Start of INPUT MATERIAL

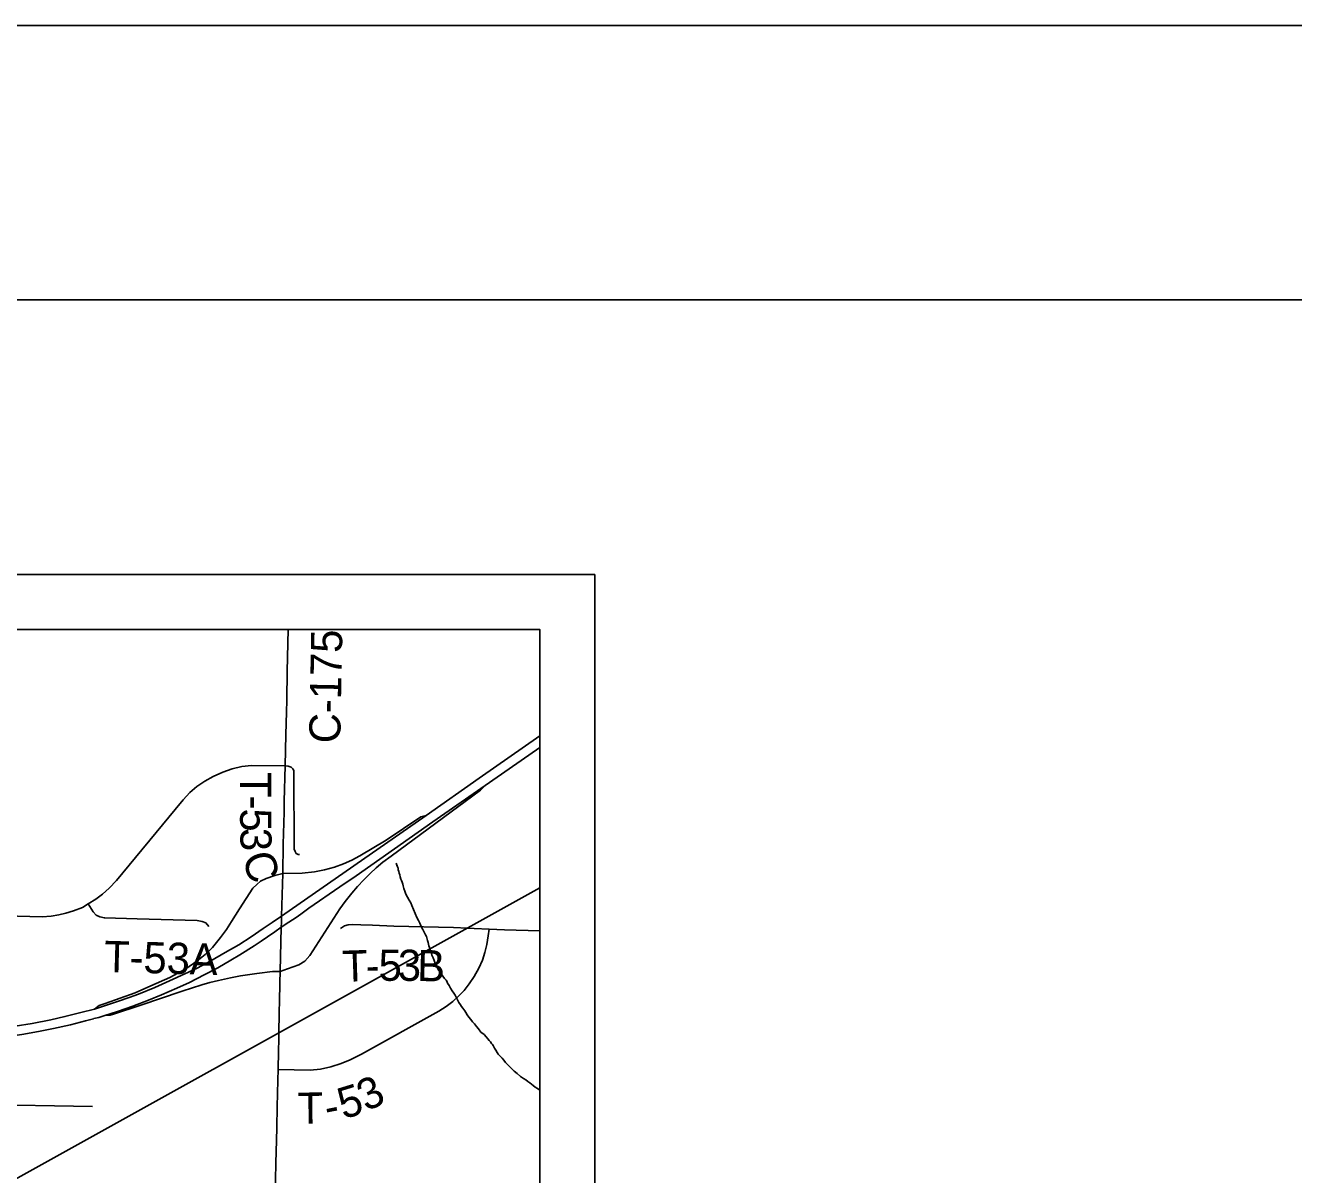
# Model space of a CAD drawing. Extents: x 0 to 34, y 0 to 22.
# Drawn here: x 29.379 to 31.69, y 19.908 to 22 of the extents above; entities that cross this region are included whole.
import ezdxf

# ---------------------------------------------------------------- set-up
doc = ezdxf.new("R2010")
doc.units = 0
for name, color, linetype in [('GM_X_City_Street', 7, 'Continuous'), ('GM_X_County_Road', 7, 'Continuous'), ('GM_X_County_Road_Text', 7, 'Continuous'), ('GM_X_Interchange_Ramps', 7, 'Continuous'), ('GM_X_Minor_River', 7, 'Continuous'), ('GM_X_Rail_Line', 7, 'Continuous'), ('GM_X_State_Route', 7, 'Continuous'), ('GM_X_Township_Road', 7, 'Continuous'), ('GM_X_Township_Road_Text', 7, 'Continuous'), ('GM_X_US_Route', 7, 'Continuous'), ('SH_Border', 7, 'Continuous'), ('SH_Cut_Line', 7, 'Continuous'), ('SH_Data', 7, 'Continuous')]:
    doc.layers.add(name, color=color, linetype=linetype)

msp = doc.modelspace()

# ---------------------------------------------------------------- linework, layer by layer
at = {"layer": 'GM_X_City_Street'}
msp.add_lwpolyline([(29.0843, 20.0386), (29.502, 20.0316)], dxfattribs=at)
at = {"layer": 'GM_X_County_Road'}
for points in [[(29.8555, 20.7716), (29.8566, 20.8244), (29.8584, 20.9)], [(29.8526, 20.6517), (29.8539, 20.7087), (29.855, 20.7498), (29.8555, 20.7716)], [(29.6523, 20.5721), (29.6669, 20.5897), (29.6793, 20.6033), (29.6918, 20.6142), (29.7062, 20.6241), (29.7214, 20.6326), (29.7394, 20.6405), (29.7562, 20.6461), (29.7736, 20.6504), (29.7911, 20.6523), (29.8526, 20.6517)], [(29.8506, 20.5677), (29.8511, 20.5875), (29.8526, 20.6517)], [(29.3428, 20.3785), (29.41, 20.3768), (29.4264, 20.3781), (29.4402, 20.3804), (29.4531, 20.3834), (29.4669, 20.3876), (29.4833, 20.3942), (29.4938, 20.4005), (29.5076, 20.409), (29.5198, 20.4179), (29.5323, 20.4291), (29.5454, 20.4432), (29.6523, 20.5721)], [(29.8483, 20.4557), (29.8492, 20.5092), (29.8506, 20.5677)]]:
    msp.add_lwpolyline(points, dxfattribs=at)
at = {"layer": 'GM_X_Interchange_Ramps'}
for points in [[(29.8433, 20.2774), (29.8568, 20.2821), (29.8775, 20.2893), (29.8887, 20.2959), (29.8979, 20.3068), (29.9522, 20.3913), (29.962, 20.4047), (29.9742, 20.4199), (29.9847, 20.4324), (29.9959, 20.4445), (30.0074, 20.456), (30.0186, 20.4662), (30.0308, 20.4764), (30.0456, 20.4876), (30.2088, 20.6077), (30.2172, 20.6163)], [(30.1096, 20.5615), (30.0999, 20.5587), (30.0369, 20.5162), (29.9887, 20.4879), (29.9742, 20.48), (29.9588, 20.4735), (29.9423, 20.4675), (29.9242, 20.4626), (29.9062, 20.459), (29.8835, 20.4564), (29.8483, 20.4557)]]:
    msp.add_lwpolyline(points, dxfattribs=at)
at = {"layer": 'GM_X_Minor_River'}
for points in [[(30.0547, 20.4746), (30.0572, 20.4681), (30.0561, 20.4708), (30.0572, 20.4681), (30.0583, 20.4658), (30.0586, 20.4627), (30.0596, 20.4596), (30.0603, 20.4566), (30.0613, 20.4531), (30.0623, 20.4497), (30.0634, 20.4455), (30.0648, 20.4428), (30.0659, 20.4401), (30.0669, 20.4366), (30.0679, 20.4332), (30.0689, 20.4286), (30.0707, 20.4236), (30.0728, 20.4182), (30.0757, 20.4128), (30.0786, 20.4074), (30.0815, 20.4024), (30.0836, 20.3978), (30.0864, 20.3904), (30.0893, 20.3828), (30.0925, 20.3758), (30.0957, 20.3704), (30.0982, 20.3654), (30.1007, 20.3596), (30.1036, 20.3538), (30.1061, 20.3488), (30.1083, 20.3442), (30.1101, 20.3411), (30.1108, 20.3384), (30.1118, 20.3338), (30.1132, 20.3304), (30.1138, 20.3273), (30.1145, 20.3243), (30.1156, 20.3208), (30.117, 20.317), (30.1184, 20.3127), (30.1201, 20.3074), (30.1222, 20.3024), (30.1244, 20.2974), (30.1261, 20.2928), (30.1279, 20.2893), (30.1294, 20.2866), (30.1304, 20.2843), (30.1311, 20.2823), (30.1329, 20.2789), (30.1362, 20.2742), (30.1399, 20.2688), (30.1432, 20.2645), (30.1457, 20.2618), (30.1472, 20.2598), (30.1486, 20.2564), (30.1512, 20.2521), (30.154, 20.2471), (30.1569, 20.2421), (30.1598, 20.2378), (30.1624, 20.2343), (30.1638, 20.2316), (30.1657, 20.2285), (30.1674, 20.2247), (30.1692, 20.2208), (30.1718, 20.2169), (30.174, 20.2138), (30.1762, 20.2107), (30.178, 20.2084), (30.1798, 20.2057), (30.182, 20.2026), (30.1845, 20.1983), (30.1874, 20.1941), (30.1907, 20.1902), (30.194, 20.1859), (30.1977, 20.182), (30.2014, 20.1773), (30.2051, 20.173), (30.2094, 20.1672), (30.2154, 20.1625), (30.2191, 20.1586), (30.222, 20.155), (30.2246, 20.1516), (30.2268, 20.1492), (30.2286, 20.1465), (30.2301, 20.1446), (30.2315, 20.1426), (30.2326, 20.1403), (30.234, 20.1376), (30.2362, 20.1341), (30.2391, 20.1302), (30.2409, 20.1271), (30.2431, 20.1244), (30.2453, 20.1221), (30.2479, 20.1193), (30.2509, 20.1158), (30.2542, 20.1119), (30.27, 20.0959), (30.2756, 20.0915), (30.2811, 20.0861), (30.2871, 20.0828), (30.2912, 20.0801)], [(30.2912, 20.0801), (30.2949, 20.0773), (30.2983, 20.0745), (30.3012, 20.0722), (30.3046, 20.0698), (30.3083, 20.067), (30.3124, 20.0642), (30.3167, 20.0615)]]:
    msp.add_lwpolyline(points, dxfattribs=at)
at = {"layer": 'GM_X_Rail_Line'}
msp.add_lwpolyline([(29.1835, 19.8007), (29.9023, 20.1997), (30.3167, 20.43)], dxfattribs=at)
at = {"layer": 'GM_X_State_Route'}
for p, q in [((29.755, 20.3685), (29.7696, 20.3912)), ((29.8433, 20.2774), (29.843, 20.2574))]:
    msp.add_line(p, q, dxfattribs=at)
for points in [[(29.7696, 20.3912), (29.794, 20.4291), (29.8009, 20.436), (29.8075, 20.4416), (29.8184, 20.4468), (29.8341, 20.4521), (29.8483, 20.4557), (29.846, 20.3781), (29.8458, 20.3665), (29.8456, 20.358), (29.8433, 20.2774)], [(29.5051, 20.2091), (29.5139, 20.2153), (29.5251, 20.219), (29.5793, 20.2387), (29.6079, 20.2512), (29.6428, 20.2666), (29.672, 20.2824), (29.6921, 20.2959), (29.7069, 20.3081), (29.7204, 20.3212), (29.7348, 20.3393), (29.7457, 20.3541), (29.755, 20.3685)], [(29.6672, 20.2424), (29.6819, 20.2473), (29.7008, 20.2532), (29.7156, 20.2576), (29.7315, 20.2611), (29.7532, 20.266), (29.7716, 20.2697), (29.8011, 20.2735), (29.8295, 20.2771), (29.8433, 20.2774)], [(29.5895, 20.2161), (29.6633, 20.2411), (29.6672, 20.2424)], [(29.843, 20.2574), (29.8428, 20.2464), (29.8423, 20.2323)], [(29.5243, 20.1974), (29.5338, 20.1981), (29.5403, 20.1995), (29.5895, 20.2161)], [(29.8423, 20.2323), (29.8422, 20.2282), (29.8417, 20.199), (29.8413, 20.1682), (29.8411, 20.1539)], [(29.8411, 20.1539), (29.8407, 20.1325), (29.84, 20.0988), (29.8396, 20.0796), (29.8384, 20.031), (29.8378, 19.9931), (29.8371, 19.9695), (29.8359, 19.929), (29.8346, 19.8657)]]:
    msp.add_lwpolyline(points, dxfattribs=at)
at = {"layer": 'GM_X_Township_Road'}
for points in [[(28.8021, 16.3696), (29.7483, 16.3505), (30.2361, 16.3375), (30.2681, 16.3359), (30.2735, 16.3357), (30.315, 16.335), (30.3167, 16.335), (30.3167, 20.9), (28.9104, 20.9)], [(29.8526, 20.6517), (29.8583, 20.651), (29.8635, 20.6496), (29.8666, 20.6465), (29.8687, 20.6434), (29.8687, 20.6399), (29.8694, 20.5001), (29.8708, 20.4956), (29.8725, 20.4921), (29.8764, 20.4904), (29.8791, 20.4904)], [(29.4938, 20.4005), (29.503, 20.386), (29.5086, 20.3801), (29.5152, 20.3768), (29.5234, 20.3748), (29.5244, 20.3748)], [(29.5244, 20.3748), (29.583, 20.3735), (29.6924, 20.3702)], [(29.6924, 20.3702), (29.7013, 20.3686), (29.7079, 20.3659), (29.7135, 20.3594)], [(29.84, 20.0988), (29.8982, 20.0976), (29.917, 20.0997), (29.936, 20.1035), (29.9548, 20.1097), (29.9714, 20.1167), (29.9919, 20.1271), (30.1324, 20.2052), (30.146, 20.2135), (30.1581, 20.2229), (30.1692, 20.2333), (30.1786, 20.2426), (30.1879, 20.2548), (30.197, 20.2683), (30.2056, 20.2832), (30.2122, 20.2978), (30.2167, 20.3117), (30.2202, 20.3266), (30.2226, 20.3426), (30.2244, 20.3544)], [(29.9538, 20.3558), (29.9607, 20.3604), (29.9673, 20.3623), (29.9752, 20.3627), (29.9905, 20.3622), (30.0116, 20.3615), (30.0508, 20.3602), (30.1595, 20.3572), (30.1857, 20.356)], [(30.1857, 20.356), (30.1968, 20.3555), (30.2244, 20.3544)], [(30.2244, 20.3544), (30.252, 20.3533), (30.3167, 20.3512)]]:
    msp.add_lwpolyline(points, dxfattribs=at)
at = {"layer": 'GM_X_US_Route'}
for p, q in [((30.2064, 20.6293), (30.3167, 20.7065)), ((30.1096, 20.5615), (30.2064, 20.6293))]:
    msp.add_line(p, q, dxfattribs=at)
for points in [[(30.2172, 20.6163), (30.2964, 20.6713), (30.3167, 20.6855)], [(29.8456, 20.358), (29.8596, 20.3675), (29.8727, 20.3759), (29.8812, 20.382), (29.8957, 20.3926), (29.9521, 20.4313), (29.9818, 20.4518), (30.1217, 20.5501), (30.2172, 20.6163)], [(29.8292, 20.3668), (29.846, 20.3781), (30.1096, 20.5615)], [(29.361, 20.1779), (29.3916, 20.1825), (29.4258, 20.1894), (29.4514, 20.1953), (29.4803, 20.2025), (29.5051, 20.2091), (29.5293, 20.2167), (29.5491, 20.2232), (29.5688, 20.2301), (29.5856, 20.2364), (29.6152, 20.2482), (29.6421, 20.2601), (29.6701, 20.2729), (29.6924, 20.2837), (29.7174, 20.2969), (29.7437, 20.312), (29.7681, 20.3262), (29.7907, 20.3406), (29.8124, 20.3554), (29.8292, 20.3668)], [(29.5243, 20.1974), (29.5474, 20.2047), (29.575, 20.2143), (29.6035, 20.2251), (29.6277, 20.2349), (29.6551, 20.2468), (29.6782, 20.2576), (29.7054, 20.2712), (29.7301, 20.2843), (29.7539, 20.2978), (29.7699, 20.3075), (29.7961, 20.3242), (29.8087, 20.3327), (29.8204, 20.3405), (29.8337, 20.3497), (29.8456, 20.358)], [(29.5044, 20.1915), (29.5131, 20.1939), (29.5243, 20.1974)], [(29.0865, 20.149), (29.0875, 20.149), (29.1993, 20.1493), (29.2371, 20.1501), (29.2676, 20.1514), (29.2948, 20.1532), (29.3208, 20.1557), (29.3473, 20.1589), (29.3731, 20.1627), (29.4031, 20.1679), (29.4305, 20.1734), (29.4614, 20.1804), (29.4891, 20.1874), (29.5035, 20.1912), (29.5044, 20.1915)]]:
    msp.add_lwpolyline(points, dxfattribs=at)
at = {"layer": 'SH_Border'}
msp.add_lwpolyline([(1.5, 21.5), (33.5, 21.5), (33.5, 0.5), (1.5, 0.5)], close=True, dxfattribs=at)
at = {"layer": 'SH_Cut_Line'}
msp.add_lwpolyline([(0, 0), (34, 0), (34, 22), (0, 22)], close=True, dxfattribs=at)
at = {"layer": 'SH_Data'}
for points in [[(23.4167, 21), (30.4167, 21), (30.4167, 14), (23.4167, 14)], [(23.5167, 20.9), (30.3167, 20.9), (30.3167, 14.1), (23.5167, 14.1)]]:
    msp.add_lwpolyline(points, close=True, dxfattribs=at)

# ---------------------------------------------------------------- texts
at = {"layer": 'GM_X_County_Road_Text'}
msp.add_text('C-175', height=0.05682, rotation=88.8984, dxfattribs=at).set_placement((29.953, 20.6925))
at = {"layer": 'GM_X_Township_Road_Text'}
for s, height, rotation, p in [('T', 0.0568, 270.0064, (29.7706, 20.6402)), ('-', 0.0568, 270.0505, (29.7706, 20.5977)), ('5', 0.0568, 270.2365, (29.7706, 20.5742)), ('3', 0.0568, 271.0412, (29.7708, 20.5383)), ('C', 0.0568, 286.8415, (29.774, 20.4865)), ('T-53A', 0.05682, 358.4517, (29.5223, 20.2766)), ('T', 0.0568, 1.9074, (29.9577, 20.2584)), ('5', 0.0568, 0.3122, (30.0231, 20.2603)), ('3', 0.0568, 359.4744, (30.0578, 20.2605)), ('B', 0.0568, 358.5519, (30.0926, 20.2602)), ('-', 0.0568, 1.3505, (30, 20.2598)), ('3', 0.0568, 25.9824, (30.001, 20.0217)), ('T', 0.0568, 0.7243, (29.8759, 20)), ('5', 0.0568, 17.1989, (29.9588, 20.0079)), ('-', 0.0568, 11.1567, (29.9296, 20.0017))]:
    msp.add_text(s, height=height, rotation=rotation, dxfattribs=at).set_placement(p)

doc.saveas('drawing.dxf')

End of INPUT MATERIAL

> **WHAT NEEDS TO BE DONE**
Scan the entries above for the word "close" and collect each line holding it.

> **RESPONSE FOR THIS EXERCISE**
msp.add_lwpolyline([(1.5, 21.5), (33.5, 21.5), (33.5, 0.5), (1.5, 0.5)], close=True, dxfattribs=at)
msp.add_lwpolyline([(0, 0), (34, 0), (34, 22), (0, 22)], close=True, dxfattribs=at)
    msp.add_lwpolyline(points, close=True, dxfattribs=at)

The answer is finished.